False teaching often takes the same “parts” and flips the order—grace plus works equals salvation—yet that reversal empties grace of its power. God saves by grace through faith, and then good works flow from that salvation. We do not bring our righteousness to God; we receive His righteousness in Christ. When we try to establish our own, we refuse the very righteousness God gives. Let the order stand: saved by grace, then walk in the works He prepared. [16:05]
Ephesians 2:8-10 — You have been rescued by God’s grace as you trust Him; this is not your achievement but God’s gift, so no one can boast.
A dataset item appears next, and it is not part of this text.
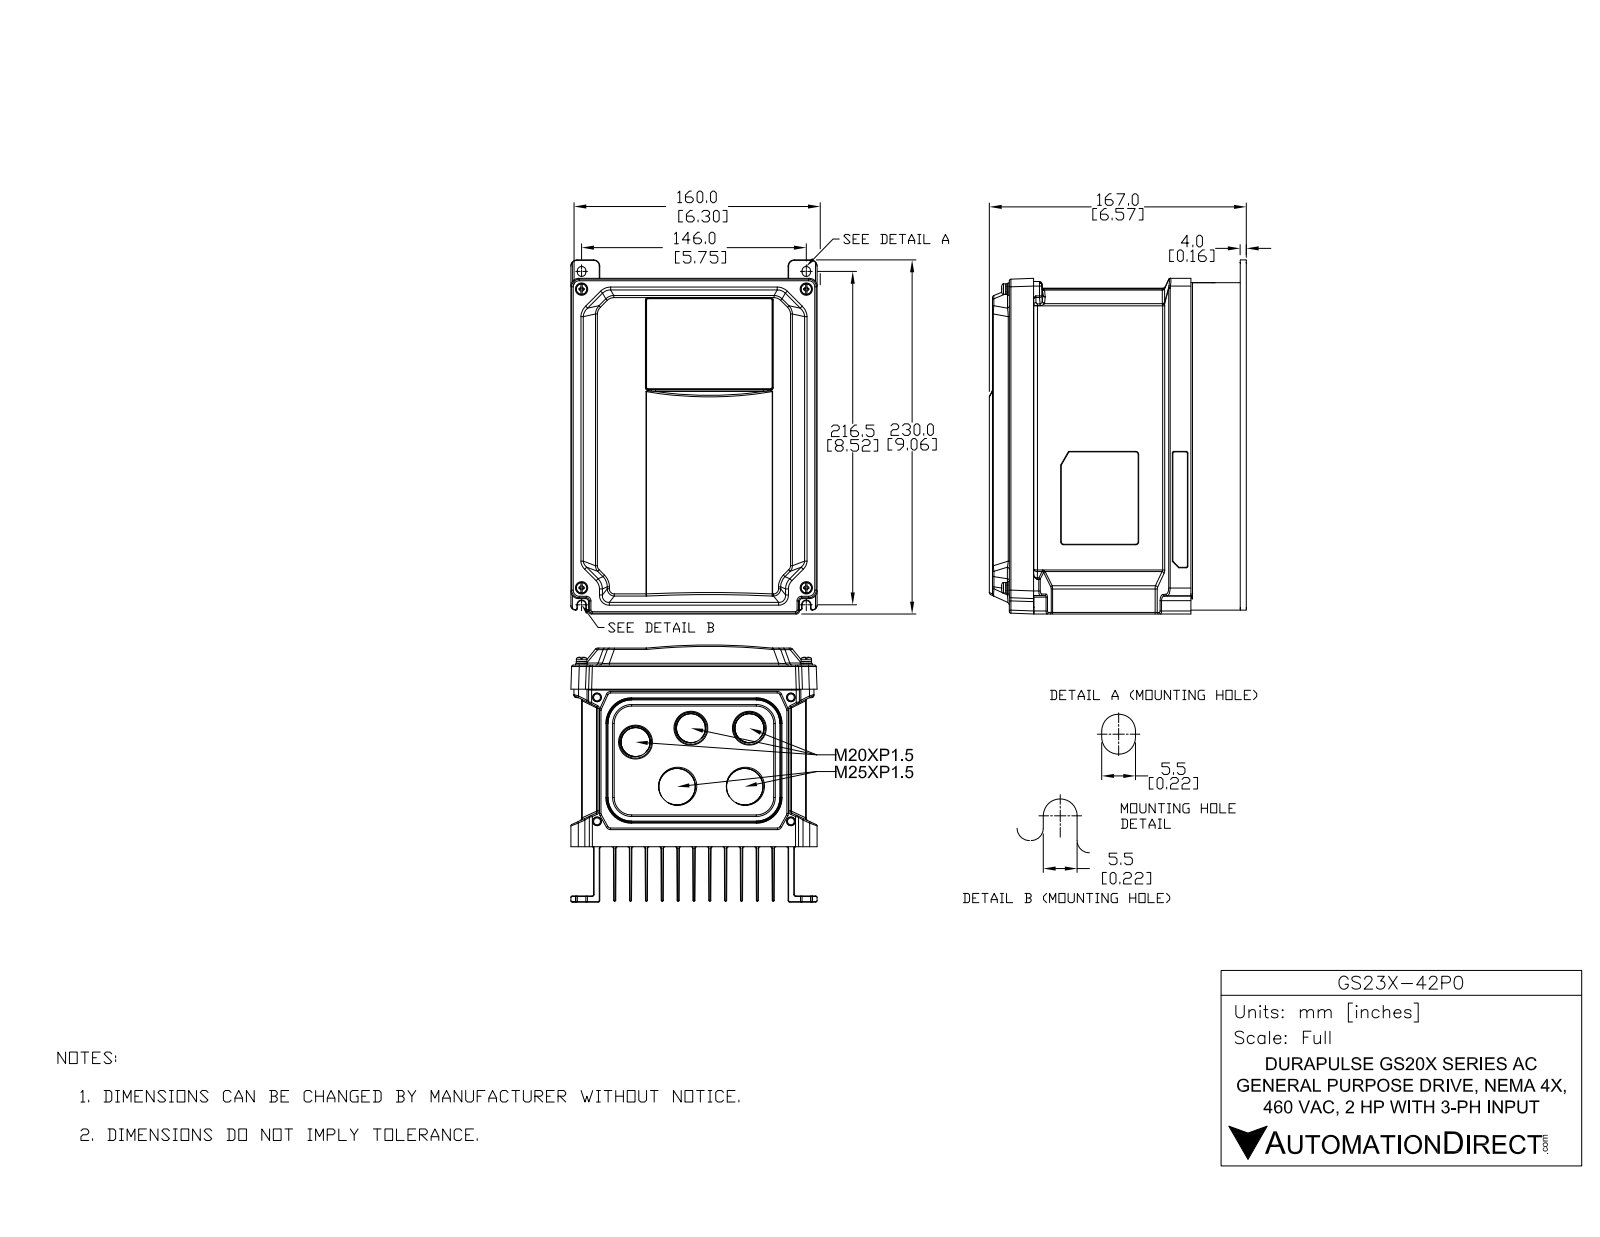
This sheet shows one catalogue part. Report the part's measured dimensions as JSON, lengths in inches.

We are God’s handiwork, made new in Christ Jesus, so that we would live out the good works God planned for us to do.
Reflection: In what specific way do you try to earn God’s smile—perhaps through Bible reading, prayer, or service—and how could you practice doing that same act this week as a grateful response rather than a qualification?
The authority of the gospel is greater than the authority of any messenger. Even if a revered leader—or an impressive “angel of light”—promotes a message that contradicts grace alone in Christ, it must be rejected. Deception often wears kindness, eloquence, and spiritual language, but it pulls hearts from Jesus. Discernment is not suspicion; it is loyalty to the gospel that saves. Measure every voice by the unchanging good news of Christ alone. [19:53]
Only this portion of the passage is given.